Entries taken from a collection
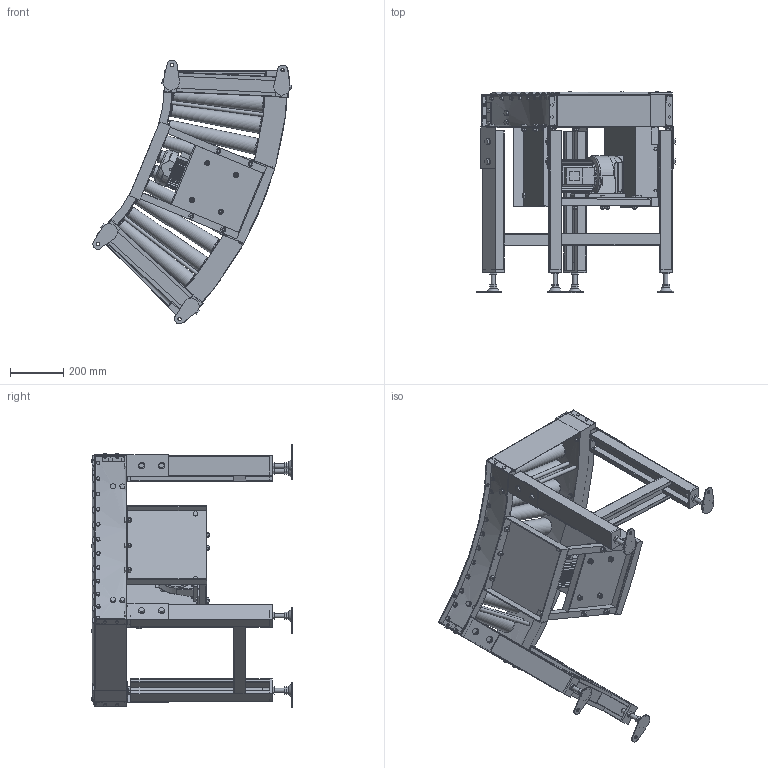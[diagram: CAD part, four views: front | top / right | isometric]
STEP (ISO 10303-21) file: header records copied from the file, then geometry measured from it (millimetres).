
FILE_DESCRIPTION( (''), '2;1');
FILE_NAME ('WEB-MCC3-45-400-75-45°-L.stp','2025-07-18T07:52:47',(''),(''),'spGate 20.6.2 (****-****-****-****)','','');
FILE_SCHEMA (('AUTOMOTIVE_DESIGN'));
Length unit declared in the file: millimetre
Products named in the file (22): WEB-MCC3-45-400-75-45_-L; TEMP_X_T-prt0; TEMP_X_T-prt1; TEMP_X_T-prt2; TEMP_X_T-prt3; TEMP_X_T-prt4; TEMP_X_T-prt5; TEMP_X_T-prt6; TEMP_X_T-prt7; TEMP_X_T-prt8; TEMP_X_T-prt9; TEMP_X_T-prt10; TEMP_X_T-prt11; TEMP_X_T-prt12; TEMP_X_T-prt13; TEMP_X_T-prt14; TEMP_X_T-prt15; TEMP_X_T-prt16; TEMP_X_T-prt17; TEMP_X_T-prt18; TEMP_X_T-prt19; TEMP_X_T-prt20
Assembly tree (21 placements, depth 2):
  WEB-MCC3-45-400-75-45_-L
    TEMP_X_T-prt0
    TEMP_X_T-prt1
    TEMP_X_T-prt2
    TEMP_X_T-prt3
    TEMP_X_T-prt4
    TEMP_X_T-prt5
    TEMP_X_T-prt6
    TEMP_X_T-prt7
    TEMP_X_T-prt8
    TEMP_X_T-prt9
    TEMP_X_T-prt10
    TEMP_X_T-prt11
    TEMP_X_T-prt12
    TEMP_X_T-prt13
    TEMP_X_T-prt14
    TEMP_X_T-prt15
    TEMP_X_T-prt16
    TEMP_X_T-prt17
    TEMP_X_T-prt18
    TEMP_X_T-prt19
    TEMP_X_T-prt20
Bounding box: 743.73 x 752.2 x 988.9 mm (x, y, z)
Volume: 30060102.1 mm3; surface area: 4212454.7 mm2
Topology: 21 solids, 22 shells, 2670 faces, 6863 edges, 4561 vertices
Faces by surface type: plane 2052, cylinder 531, bspline 87
Full cylindrical faces by diameter (mm): 5 x4, 6 x24, 7 x4, 8 x1, 9.2 x4, 10 x46, 10.5 x4, 12 x14, 12.2 x12, 13 x12, 13.8 x12, 15 x1, 15.4 x20, 16 x16, 17.3 x12, 18 x16, 18.4 x24, 21 x4, 21.5 x1, 24 x8, 28 x13, 31 x1, 45 x12, 63 x1, 113.2 x1, 153 x1
Entity records: 144201 total; most frequent: CARTESIAN_POINT 22746, ORIENTED_EDGE 13724, DIRECTION 13410, COLOUR_RGB 9553, PRESENTATION_STYLE_ASSIGNMENT 9553, STYLED_ITEM 9553, EDGE_CURVE 6862, DRAUGHTING_PRE_DEFINED_CURVE_FONT 6862

• [EXERCISE DIRECTIONS] The answer should be one number: how many lines of the data above contain "surface".

• [OUTPUT OF THE TASK] 2